== Problem statement ==
For each line below that contains the string "blocks", copy that line.
(Source records)
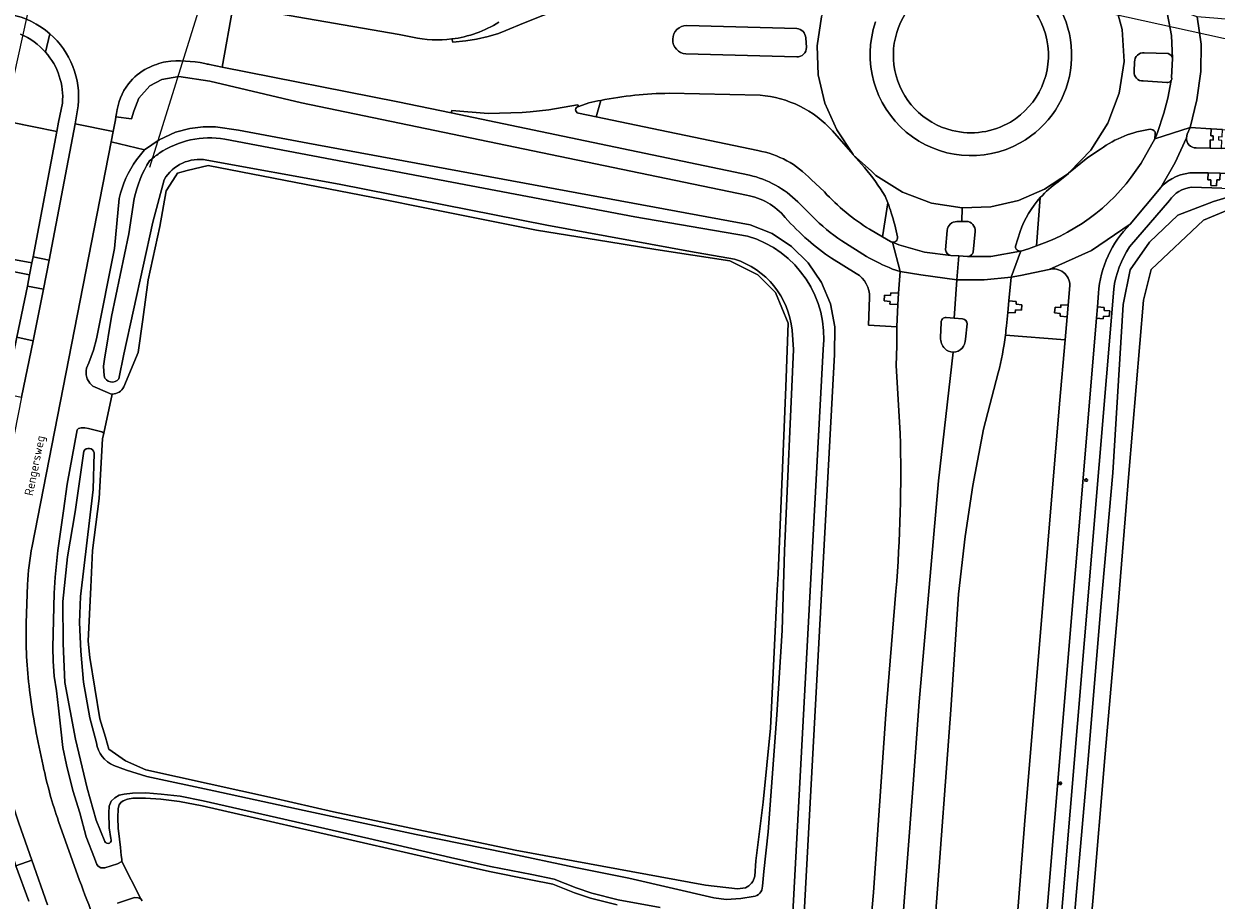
# Model space of a CAD drawing. Header units: metres. Extents: x 149984 to 156489, y 469398 to 478068.
# Tile 308 of 656: x 154264 to 154388, y 472002 to 472093. Entities that reach past the tile are written whole.
import ezdxf
from ezdxf.enums import TextEntityAlignment as Align

# ---------------------------------------------------------------- set-up
doc = ezdxf.new("R2010")
doc.units = ezdxf.units.M
doc.header["$LTSCALE"] = 0.75
for name, color, linetype, lineweight in [('B-WE-GR-BEPLANTING_CULTUUR_VASTE PLANTENVAK-GV', 252, 'Continuous', 18), ('B-WE-GR-GRAS-GV', 252, 'Continuous', 13), ('B-WE-IE-MEUBILAIR-S', 252, 'Continuous', 25), ('B-WE-KW-KUNSTWERK_DUIKER-G', 6, 'Continuous', 18), ('B-WE-OG-TERREIN_BEGROEID-GV', 252, 'Continuous', 18), ('B-WE-OG-TERREIN_OEVER-GV', 252, 'Continuous', 18), ('B-WE-OG-TOPOGRAFIE-T18', 7, 'Continuous', 18), ('B-WE-OG-WATER-GV', 252, 'Continuous', 18), ('B-WE-OG-WATER_SLOOT-GV', 252, 'Continuous', 18), ('B-WE-OG-WEG-GV', 252, 'Continuous', 18), ('B-WE-VH-GESLOTENVERHARDING_ASFALT-GV', 252, 'Continuous', 18), ('B-WE-VH-GESLOTENVERHARDING_BETON-GV', 252, 'Continuous', 18), ('B-WE-VH-OPENVERHARDING_BETONSTRAATSTEEN-GV', 252, 'Continuous', 18), ('B-WE-VH-OPENVERHARDING_STRAATBAKSTEEN-GV', 252, 'Continuous', 18), ('B-WE-VH-OPENVERHARDING_TEGEL-GV', 252, 'Continuous', 18)]:
    doc.layers.add(name, color=color, linetype=linetype, lineweight=lineweight)
doc.styles.add('NLCS-ISO-M500-T18', font='NLCS-ISO.ttf', dxfattribs={"height": 0.9})

# ---------------------------------------------------------------- blocks, each defined once
blk = doc.blocks.new('SIE-MEUBILAIR_PAAL_LICHTMAST-SO')
for points in [[(-0.62, 0), (-1, 0)], [(-0.71, 0.71), (-0.44, 0.44)], [(0, 1), (0, 0.62)], [(0.44, 0.44), (0.71, 0.71)], [(1, 0), (0.62, 0)], [(-0.71, -0.71), (-0.44, -0.44)], [(0, -0.62), (0, -1)], [(0.44, -0.44), (0.71, -0.71)]]:
    blk.add_lwpolyline(points)
blk.add_circle((0, 0), 0.5)

msp = doc.modelspace()

# ---------------------------------------------------------------- linework, layer by layer
at = {"layer": 'B-WE-GR-BEPLANTING_CULTUUR_VASTE PLANTENVAK-GV'}
for points in [[(154367.076, 472082.886, 0.7090418), (154364.076, 472097.836)], [(154358.162, 472096.301, 0.6336486), (154361.02, 472082.006)], [(154361.02, 472082.006, 0.1971716), (154367.076, 472082.886)]]:
    msp.add_lwpolyline(points, format="xyb", dxfattribs=at)
at = {"layer": 'B-WE-GR-GRAS-GV', "flags": 128}
for points in [[(154340.496, 472004.45), (154340.594, 472006.055), (154341.369, 472012.158), (154342.127, 472019.83), (154342.837, 472034.22), (154342.92, 472035.908), (154343.714, 472055.355), (154343.978, 472061.97), (154342.655, 472065.145), (154340.803, 472066.997), (154337.893, 472068.452), (154330.22, 472069.643), (154325.327, 472070.424), (154317.784, 472071.627), (154306.01, 472074.008), (154301.904, 472074.812), (154293.84, 472076.39), (154283.653, 472078.374), (154281.489, 472077.833), (154280.478, 472077.58), (154280.293, 472077.292), (154279.288, 472075.728), (154278.626, 472072.024), (154277.435, 472066.468), (154276.858, 472062.355), (154276.377, 472058.927), (154274.905, 472055.327)], [(154273.683, 472054.579), (154272.799, 472050.509), (154272.673, 472049.931), (154272.329, 472043.729), (154271.641, 472038.32), (154271.442, 472034.517), (154271.178, 472028.894), (154271.343, 472027.175), (154272.408, 472020.827), (154272.965, 472018.917), (154273.334, 472017.652), (154275.054, 472016.462), (154277.173, 472015.517), (154290.349, 472012.58), (154296.699, 472011.125), (154315.59, 472007.157), (154335.379, 472003.497), (154338.699, 472003.118), (154339.538, 472003.246)], [(154326.19, 472001.46), (154323.409, 472002.161), (154321.745, 472002.715), (154319.489, 472003.6), (154317.213, 472004.084), (154312.909, 472004.924), (154308.73, 472005.863), (154300.249, 472007.829), (154283.019, 472011.765), (154280.669, 472012.227), (154278.722, 472012.443), (154277.154, 472012.565), (154275.822, 472012.555), (154275.279, 472012.467), (154274.807, 472012.301), (154274.571, 472012.128), (154274.398, 472011.861), (154274.295, 472011.484), (154274.258, 472010.517), (154274.315, 472009.433), (154274.431, 472008.301), (154274.534, 472007.426), (154274.626, 472006.611), (154274.669, 472006.219), (154274.68, 472005.97), (154276.64, 472002.08), (154276.8, 472001.87)]]:
    msp.add_lwpolyline(points, dxfattribs=at)
at = {"layer": 'B-WE-GR-GRAS-GV'}
for points in [[(154274.905, 472055.327, -0.2537719), (154273.683, 472054.579)], [(154339.538, 472003.246, 0.2444228), (154340.496, 472004.45)]]:
    msp.add_lwpolyline(points, format="xyb", dxfattribs=at)
at = {"layer": 'B-WE-KW-KUNSTWERK_DUIKER-G', "flags": 128}
for points in [[(154277.586, 472078.198), (154288.753, 472114.015)], [(154399.34, 472089.348), (154321.801, 472106.445)], [(154265.713, 472097.992), (154257.163, 472059.385)]]:
    msp.add_lwpolyline(points, dxfattribs=at)
at = {"layer": 'B-WE-OG-TERREIN_BEGROEID-GV'}
for points in [[(154266.76, 472090.14, 0.1154221), (154264.136, 472092.013)], [(154268.504, 472084.834, 0.2050728), (154266.76, 472090.14)], [(154331.582, 472085.875, 0.0469025), (154324.481, 472085.14)], [(154348.578, 472081.963, 0.1919559), (154341.047, 472085.671)], [(154381.616, 472082.125, 0.1221757), (154376.454, 472080.072)], [(154382.123, 472081.868, 0.2588567), (154381.616, 472082.125)], [(154340.822, 472079.915, -0.1616132), (154346.351, 472076.908)], [(154354.042, 472075.162, 0.0442904), (154351.898, 472078.143)], [(154369.775, 472069.997, 0.1721516), (154380.661, 472078.617)], [(154372.038, 472076.665, 0.0585776), (154370.19, 472075.031)], [(154343.662, 472072.967, 0.1755331), (154339.648, 472075.284)], [(154347.735, 472075.609, 0.0696565), (154352.439, 472071.727)], [(154354.327, 472074.489, 0.0104202), (154354.042, 472075.162)], [(154385.894, 472076.11, 0.2113021), (154383.613, 472074.731)], [(154346.032, 472070.594, -0.0322579), (154343.662, 472072.967)], [(154348.466, 472068.714, -0.031997), (154346.032, 472070.594)], [(154379.476, 472069.891, 0.1162116), (154377.826, 472065.501)], [(154352.438, 472064.619, 0.2784334), (154351.054, 472067.118)], [(154366.561, 472060.72, -0.0321755), (154365.815, 472056.804)], [(154355.172, 472034.093, 0.0268933), (154355.623, 472050.491)]]:
    msp.add_lwpolyline(points, format="xyb", dxfattribs=at)
at = {"layer": 'B-WE-OG-TERREIN_BEGROEID-GV', "flags": 128}
for points in [[(154253.545, 472086.839), (154255.81, 472088.36), (154258.17, 472090.63), (154259.91, 472090.21), (154261.51, 472088.82), (154261.85, 472087.89), (154260.725, 472083.368), (154267.916, 472081.911), (154268.096, 472082.863), (154268.504, 472084.834)], [(154283.835, 472087.129), (154280.623, 472087.614), (154278.842, 472087.318), (154277.577, 472086.644), (154276.441, 472085.36), (154275.914, 472084.011), (154275.678, 472083.219), (154274.074, 472083.435), (154274.012, 472083.105), (154273.785, 472081.903), (154273.571, 472080.808), (154277.048, 472079.983), (154278.566, 472081.045), (154280.247, 472081.823), (154281.753, 472082.216), (154283.131, 472082.377), (154284.406, 472082.386), (154286.815, 472082.05), (154294.02, 472080.686), (154340.027, 472072.186), (154342.289, 472071.28), (154344.327, 472069.944), (154346.062, 472068.232), (154347.424, 472066.21), (154348.359, 472063.96), (154348.831, 472061.569), (154348.8, 472058.718), (154344.635, 471982.054)], [(154339.648, 472075.284), (154293.363, 472084.866), (154283.835, 472087.129)], [(154324.481, 472085.14), (154324, 472083.422), (154340.822, 472079.915)], [(154341.047, 472085.671), (154331.582, 472085.875)], [(154351.898, 472078.143), (154350.728, 472079.489), (154350.726, 472079.491), (154348.578, 472081.963)], [(154380.661, 472078.617), (154382.092, 472081.144)], [(154382.092, 472081.144), (154382.144, 472081.692), (154382.123, 472081.868)], [(154376.454, 472080.072), (154375.117, 472079.181), (154373.135, 472077.551), (154373.133, 472077.549), (154373.13, 472077.547), (154372.038, 472076.665)], [(154358.594, 471901.218), (154359.552, 471905.779), (154365.29, 471934.104), (154368.485, 471950.124), (154369.552, 471955.475), (154370.903, 471962.415), (154371.668, 471966.632), (154372.356, 471970.862), (154372.821, 471974.099), (154374.41, 471987.75), (154375.64, 472001.85), (154376.93, 472017.173), (154378.24, 472032.189), (154379.378, 472046.322), (154380.902, 472064.347), (154381.732, 472067.543), (154387.153, 472072.674), (154401.227, 472078.524)], [(154346.351, 472076.908), (154347.735, 472075.609)], [(154357.451, 471901.451), (154360.921, 471918.582), (154361.767, 471922.756), (154363.251, 471930.082), (154363.97, 471933.631), (154365.251, 471940.043), (154366.176, 471944.681), (154367.08, 471949.212), (154368.101, 471954.333), (154369.861, 471963.359), (154370.695, 471968.073), (154371.248, 471971.553), (154371.613, 471974.149), (154372.724, 471987.798), (154373.898, 472002.029), (154375.214, 472016.994), (154376.493, 472032.428), (154377.743, 472046.413), (154378.811, 472063.91), (154379.527, 472067.523), (154381.558, 472070.385), (154384.493, 472073.214), (154388.199, 472074.626), (154391.069, 472075.482)], [(154391.069, 472075.482), (154388.199, 472074.626), (154384.493, 472073.214), (154381.558, 472070.385), (154379.527, 472067.523), (154378.811, 472063.91), (154377.743, 472046.413), (154376.493, 472032.428), (154375.214, 472016.994), (154373.898, 472002.029), (154372.724, 471987.798), (154371.613, 471974.149), (154371.248, 471971.553), (154370.695, 471968.073), (154369.861, 471963.359), (154368.101, 471954.333), (154367.08, 471949.212), (154366.176, 471944.681), (154365.251, 471940.043), (154363.97, 471933.631), (154363.251, 471930.082), (154361.767, 471922.756), (154360.921, 471918.582), (154357.451, 471901.451)], [(154370.19, 472075.031), (154369.775, 472069.997)], [(154389.077, 472076.002), (154385.894, 472076.11)], [(154352.439, 472071.727), (154353.795, 472070.934), (154354.327, 472074.489)], [(154383.613, 472074.731), (154379.476, 472069.891)], [(154351.054, 472067.118), (154348.466, 472068.714)], [(154377.826, 472065.501), (154370.991, 471983.863)], [(154355.623, 472050.491), (154355.192, 472057.577), (154355.28, 472059.598), (154355.261, 472061.572), (154352.312, 472061.764), (154352.438, 472064.619)], [(154351.428, 471903.013), (154351.445, 471903.081), (154351.616, 471903.919), (154358.058, 471935.551), (154362.315, 471956.901), (154363.661, 471963.812), (154364.396, 471967.864), (154365.057, 471971.928), (154365.644, 471976.004), (154366.157, 471980.09), (154366.596, 471984.184), (154366.861, 471988.716), (154367.765, 472000), (154368.549, 472009.795), (154372.17, 472053.561), (154372.766, 472060.226), (154366.561, 472060.72)], [(154365.815, 472056.804), (154364.286, 472050.928), (154363.172, 472045.091), (154362.375, 472039.788), (154361.685, 472033.782), (154360.881, 472021.753), (154359.341, 472000.803), (154359.267, 472000), (154357.391, 471979.705), (154355.339, 471961.811), (154352.827, 471943.647), (154350.593, 471930.312), (154350.049, 471927.422), (154349.882, 471925.326)], [(154343.495, 471928.365), (154345.185, 471937.917), (154346.895, 471948.91), (154348.63, 471961.748), (154350.118, 471974.008), (154352.031, 471993.53), (154352.601, 472000), (154352.842, 472002.74), (154354.113, 472021.285), (154355.172, 472034.093)], [(154265.017, 472001.855), (154263.671, 472005.534), (154263.196, 472007.018), (154258.468, 472005.157), (154260.074, 472002.69), (154261.838, 471999.001), (154262.961, 471996.06), (154263.656, 471993.707), (154264.511, 471991.408), (154264.725, 471990.071), (154264.672, 471988.574), (154264.405, 471987.398), (154264.137, 471986.061), (154263.389, 471984.511), (154262.48, 471983.602), (154261.25, 471982.265), (154259.031, 471980.338)]]:
    msp.add_lwpolyline(points, dxfattribs=at)
for points in [[(154267.916, 472081.911), (154260.725, 472083.368), (154257.881, 472069.591), (154265.334, 472068.228), (154265.454, 472068.857)], [(154265.07, 472066.981), (154257.63, 472068.469), (154255.868, 472060.434), (154263.401, 472058.793), (154263.757, 472060.503), (154264.862, 472065.821)]]:
    msp.add_lwpolyline(points, close=True, dxfattribs=at)
at = {"layer": 'B-WE-OG-TERREIN_OEVER-GV', "flags": 128}
for points in [[(154330.599, 471891.702), (154337.594, 471925.607), (154339.162, 471934.752), (154342.265, 471954.408), (154342.891, 471958.657), (154343.979, 471971.41), (154344.635, 471982.054), (154348.8, 472058.718), (154348.831, 472061.569), (154348.359, 472063.96), (154347.424, 472066.21), (154346.062, 472068.232), (154344.327, 472069.944), (154342.289, 472071.28), (154340.027, 472072.186), (154294.02, 472080.686), (154286.815, 472082.05), (154284.406, 472082.386), (154283.131, 472082.377), (154281.753, 472082.216), (154280.247, 472081.823), (154278.566, 472081.045), (154277.048, 472079.983), (154276.205, 472078.966)], [(154285.385, 472081.098), (154328.042, 472073.026), (154339.756, 472071.015)], [(154338.396, 472068.627), (154333.815, 472069.413), (154318.879, 472072.141), (154297.263, 472076.424), (154283.511, 472078.933)], [(154274.905, 472055.327), (154276.377, 472058.927), (154276.858, 472062.355), (154277.435, 472066.468), (154278.626, 472072.024), (154279.288, 472075.728), (154280.293, 472077.292), (154280.478, 472077.58), (154281.489, 472077.833), (154283.653, 472078.374), (154293.84, 472076.39), (154301.904, 472074.812), (154306.01, 472074.008), (154317.784, 472071.627), (154325.327, 472070.424), (154330.22, 472069.643), (154337.893, 472068.452), (154340.803, 472066.997), (154342.655, 472065.145), (154343.978, 472061.97), (154343.714, 472055.355), (154342.92, 472035.908), (154342.837, 472034.22), (154342.127, 472019.83), (154341.369, 472012.158), (154340.594, 472006.055), (154340.496, 472004.45)], [(154279.086, 472076.887), (154277.888, 472072.465), (154274.884, 472058.728), (154274.355, 472056.171)], [(154274.393, 472074.939), (154273.932, 472069.744), (154272.06, 472060.34), (154271.73, 472059.17), (154271.26, 472057.84), (154271.01, 472057.29), (154270.96, 472057), (154270.96, 472056.6), (154271.07, 472056.17), (154271.34, 472055.73), (154271.65, 472055.42), (154273.18, 472054.74), (154273.51, 472054.62), (154273.683, 472054.579)], [(154272.828, 472056.484), (154272.767, 472057.476), (154272.874, 472058.214), (154273.59, 472062.645), (154275.395, 472071.263), (154275.967, 472074.917)], [(154341.293, 472003.394), (154341.433, 472004.942), (154341.891, 472009.05), (154342.784, 472021.214), (154343.352, 472029.989), (154343.603, 472038.3), (154344.54, 472059.217), (154344.384, 472061.253)], [(154347.625, 472059.227), (154344.407, 472000), (154343.001, 471974.098), (154341.734, 471959.042), (154339.974, 471947.086), (154336.725, 471927.333), (154328.277, 471886.388), (154312.661, 471809.124), (154309.747, 471798.029), (154303.056, 471774.264), (154299.015, 471759.038), (154290.335, 471715.692), (154283.37, 471682.485), (154281.505, 471678.468), (154278.867, 471675.885), (154275.86, 471674.599), (154274.421, 471674.594), (154274.363, 471674.187), (154274.413, 471674.185)], [(154339.538, 472003.246), (154338.699, 472003.118), (154335.379, 472003.497), (154315.59, 472007.157), (154296.699, 472011.125), (154290.349, 472012.58), (154277.173, 472015.517), (154275.054, 472016.462), (154273.334, 472017.652), (154272.965, 472018.917), (154272.408, 472020.827), (154271.343, 472027.175), (154271.178, 472028.894), (154271.442, 472034.517), (154271.641, 472038.32), (154272.329, 472043.729), (154272.673, 472049.931), (154272.799, 472050.509), (154272.6, 472050.67), (154271.22, 472051), (154270.82, 472051.08), (154270.46, 472051.09), (154270.17, 472051.02), (154270.03, 472050.87), (154269.01, 472045.22), (154268.6, 472042.46), (154268.04, 472038.31), (154267.75, 472035.53), (154267.65, 472033.9), (154267.51, 472028.24), (154267.54, 472026.8), (154267.65, 472025.26), (154267.87, 472023.74), (154268.08, 472021.91), (154268.35, 472019.75), (154268.56, 472017.83), (154268.94, 472016.04), (154269.57, 472013.37), (154270.32, 472011.04), (154270.96, 472008.53), (154271.85, 472006.33), (154272.09, 472005.65), (154272.21, 472005.49), (154272.51, 472005.32), (154272.9, 472005.3), (154274.22, 472005.73), (154274.68, 472005.97), (154274.669, 472006.219), (154274.626, 472006.611), (154274.534, 472007.426), (154274.431, 472008.301), (154274.315, 472009.433), (154274.258, 472010.517), (154274.295, 472011.484), (154274.398, 472011.861), (154274.571, 472012.128), (154274.807, 472012.301), (154275.279, 472012.467), (154275.822, 472012.555), (154277.154, 472012.565), (154278.722, 472012.443), (154280.669, 472012.227), (154283.019, 472011.765), (154300.249, 472007.829), (154308.73, 472005.863), (154312.909, 472004.924), (154317.213, 472004.084), (154319.489, 472003.6), (154321.745, 472002.715), (154323.409, 472002.161), (154326.19, 472001.46)], [(154272.902, 472008.043), (154272.028, 472010.291), (154271.086, 472013.618), (154269.846, 472018.714), (154268.758, 472024.601), (154268.585, 472028.652), (154268.537, 472033.015), (154269.014, 472037.661), (154269.821, 472042.335), (154270.743, 472048.638)], [(154271.792, 472048.493), (154271.698, 472044.648), (154270.391, 472033.532), (154270.264, 472030.829), (154270.405, 472027.84), (154270.71, 472024.643), (154271.346, 472020.921), (154272.048, 472018.308)], [(154273.858, 472015.962), (154275.157, 472015.471), (154277.286, 472014.815), (154284.251, 472013.34), (154293.624, 472011.273), (154305.27, 472008.785), (154314.679, 472006.872), (154321.853, 472005.362), (154327.418, 472004.252), (154336.235, 472002.184), (154337.506, 472002.038), (154339.037, 472002.122), (154340.331, 472002.329)], [(154330.647, 472001.199), (154326.305, 472001.989), (154323.561, 472002.681), (154321.93, 472003.224), (154319.644, 472004.12), (154317.321, 472004.614), (154313.021, 472005.453), (154308.851, 472006.39), (154300.37, 472008.356), (154283.131, 472012.294), (154280.751, 472012.762), (154278.773, 472012.982), (154277.173, 472013.106), (154275.787, 472013.096), (154274.927, 472012.991), (154274.402, 472012.867), (154273.952, 472012.599), (154273.57, 472012.236), (154273.379, 472011.729), (154273.33, 472011.036), (154273.377, 472009.471), (154273.547, 472008.379)], [(154276.8, 472001.87), (154276.64, 472002.08), (154276.38, 472002.19), (154276.01, 472002.22), (154274.22, 472001.65)]]:
    msp.add_lwpolyline(points, dxfattribs=at)
at = {"layer": 'B-WE-OG-TERREIN_OEVER-GV'}
for points in [[(154278.574, 472079.635, -0.1951114), (154285.385, 472081.098)], [(154276.205, 472078.966, 0.0939513), (154274.393, 472074.939)], [(154275.967, 472074.917, -0.0932281), (154277.574, 472078.85)], [(154277.574, 472078.85, -0.0342836), (154278.574, 472079.635)], [(154283.511, 472078.933, 0.3143505), (154279.086, 472076.887)], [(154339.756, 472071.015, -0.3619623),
(End Source records)
== Written response ==
# ---------------------------------------------------------------- blocks, each defined once
blk = doc.blocks.new('SIE-MEUBILAIR_PAAL_LICHTMAST-SO')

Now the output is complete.